PROVIDED DATA: Begin

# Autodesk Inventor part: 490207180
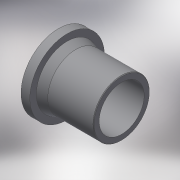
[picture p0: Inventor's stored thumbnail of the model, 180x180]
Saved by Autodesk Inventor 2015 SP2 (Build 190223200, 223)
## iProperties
Created: 2017-07
Part Number: 490207180
Material: Generic
Description: Stub Flange 180
Document SubType Name: Modeling
Designer: Кирилл
Mass: 2125.8 g
Surface Area: 2463.82 cm^2
Volume: 2125.8 cm^3
Density: 1 g/cm^3
Appearance: Default
Author: Кирилл
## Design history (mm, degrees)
derived "490207.ipt"
feature "Solid1::490207.ipt"
tag "TaggingFeature1"
body "Solid1"
other parameters: "d0" = 198, "d1" = 187, "d3" = 144, "d4" = 212, "d17" = 3.6, "d18" = 3.6, "d19" = 3.6, "d21" = 3.6, "d24" = 3.6, "d25" = 3.6, "d26" = 1.8, "d27" = 0, "d32" = 1.8, "L_" = 198, "D_" = 212, "D_1" = 187
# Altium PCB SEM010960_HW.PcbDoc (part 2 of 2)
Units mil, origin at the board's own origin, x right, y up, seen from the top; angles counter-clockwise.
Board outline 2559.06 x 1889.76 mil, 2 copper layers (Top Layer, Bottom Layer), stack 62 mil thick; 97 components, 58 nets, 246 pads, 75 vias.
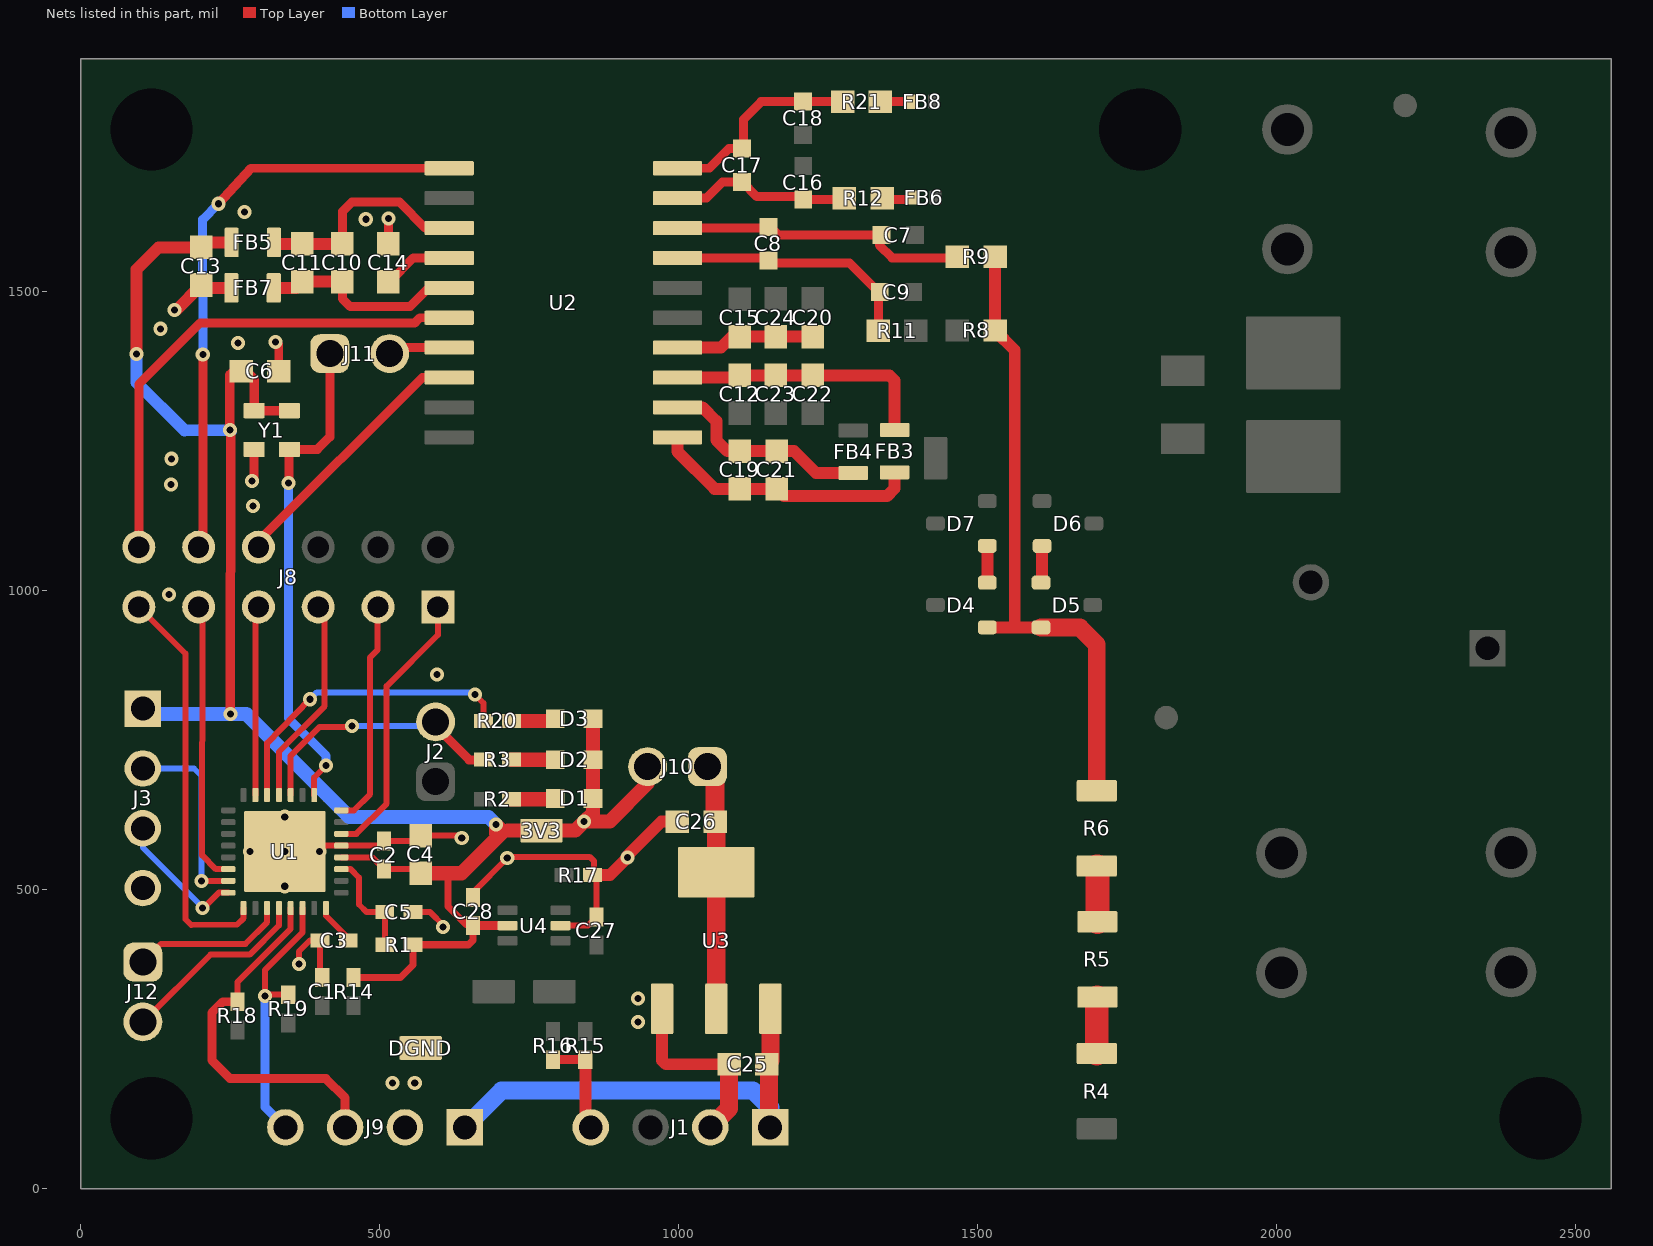
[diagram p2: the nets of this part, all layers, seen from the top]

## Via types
v1: diameter 23.62, hole 11.81, Top Layer to Bottom Layer, 58 vias
v2: diameter 39.37, hole 19.68, Top Layer to Bottom Layer, 12 vias
v3: diameter 23.62, hole 11.81, Top Layer to Bottom Layer, tented both sides, 5 vias

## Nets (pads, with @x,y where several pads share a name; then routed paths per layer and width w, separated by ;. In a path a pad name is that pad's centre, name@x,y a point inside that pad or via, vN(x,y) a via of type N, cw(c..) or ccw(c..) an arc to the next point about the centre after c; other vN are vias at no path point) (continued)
ADC_DVDD: C10.1 C11.2 FB5.1 U2.13 | length 372.5
  Top Layer w10: FB5.1@322.96,1582.83 FB5.1@325.47,1580.32
  Top Layer w15: C10.1@437.16,1580.32 437.16,1634.28 453.14,1650.26 532.82,1650.26 576.17,1606.91 U2.13@615.89,1606.91
  Top Layer w20: FB5.1@325.47,1580.32 C11.2@370.41,1580.32 C10.1@437.16,1580.32
ADC_SCLK: J8.8 U2.18 | length 442.1
  Top Layer w15: J8.8@296.88,1073.2 296.88,1082.81 570.98,1356.91 U2.18@615.89,1356.91
AMC_CLKIN: J11.2 U2.17 | length 106.5
  Top Layer w10: U2.17@613.92,1404.94 U2.17@615.89,1406.91
  Top Layer w15: J11.2@516.29,1396.93 526.27,1406.91 U2.17@615.89,1406.91
AMC_CS0: J8.1 U1.6 | length 461.2
  Top Layer w10: U1.6@435.43,593.76 460.76,593.76 511.4,644.39 511.4,840.9 596.88,926.38 J8.1@596.88,973.2
AMC_D\R\D\Y\: J8.12 U2.16 | length 837.3
  Top Layer w15: J8.12@96.88,1073.2 96.88,1345.32 199.88,1448.33 558.17,1448.33 559.07,1449.23 559.18,1449.23 566.85,1456.91 U2.16@615.89,1456.91
AMC_D\R\D\Y\0: J8.11 U1.25 | length 677.2
  Top Layer w10: J8.11@96.88,973.2 174.95,895.14 174.95,450.95 184.51,441.39 261.07,441.8 272.05,452.78 U1.25@272.05,469.74
AMC_SYNC_RESET: J8.10 U2.11 | length 1004
  Top Layer w15: J8.10@196.88,1073.2 203.84,1080.16 v1(203.84,1395.2) v1@203.57,1394.93 ; v1(230.06,1647.5) 284.34,1706.91 U2.11@615.89,1706.91
  Bottom Layer w15: v1@206.26,1392.77 v1(203.84,1395.2) 203.84,1416.57 203.59,1620.97 v1(230.06,1647.5)
AMC_SYNC_RESET0: J8.9 U1.22 | length 471.6
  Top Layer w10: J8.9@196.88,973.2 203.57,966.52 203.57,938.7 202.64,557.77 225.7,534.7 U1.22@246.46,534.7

PROVIDED DATA: End

§ **WHAT IS BEING ASKED**
Hand back the exact lines from the start of the entries to the line with "# Altium PCB", both ends kept and pictures left out.

§ **YOUR RESPONSE**
# Autodesk Inventor part: 490207180
[picture p0: Inventor's stored thumbnail of the model, 180x180]
Saved by Autodesk Inventor 2015 SP2 (Build 190223200, 223)
## iProperties
Created: 2017-07
Part Number: 490207180
Material: Generic
Description: Stub Flange 180
Document SubType Name: Modeling
Designer: Кирилл
Mass: 2125.8 g
Surface Area: 2463.82 cm^2
Volume: 2125.8 cm^3
Density: 1 g/cm^3
Appearance: Default
Author: Кирилл
## Design history (mm, degrees)
derived "490207.ipt"
feature "Solid1::490207.ipt"
tag "TaggingFeature1"
body "Solid1"
other parameters: "d0" = 198, "d1" = 187, "d3" = 144, "d4" = 212, "d17" = 3.6, "d18" = 3.6, "d19" = 3.6, "d21" = 3.6, "d24" = 3.6, "d25" = 3.6, "d26" = 1.8, "d27" = 0, "d32" = 1.8, "L_" = 198, "D_" = 212, "D_1" = 187
# Altium PCB SEM010960_HW.PcbDoc (part 2 of 2)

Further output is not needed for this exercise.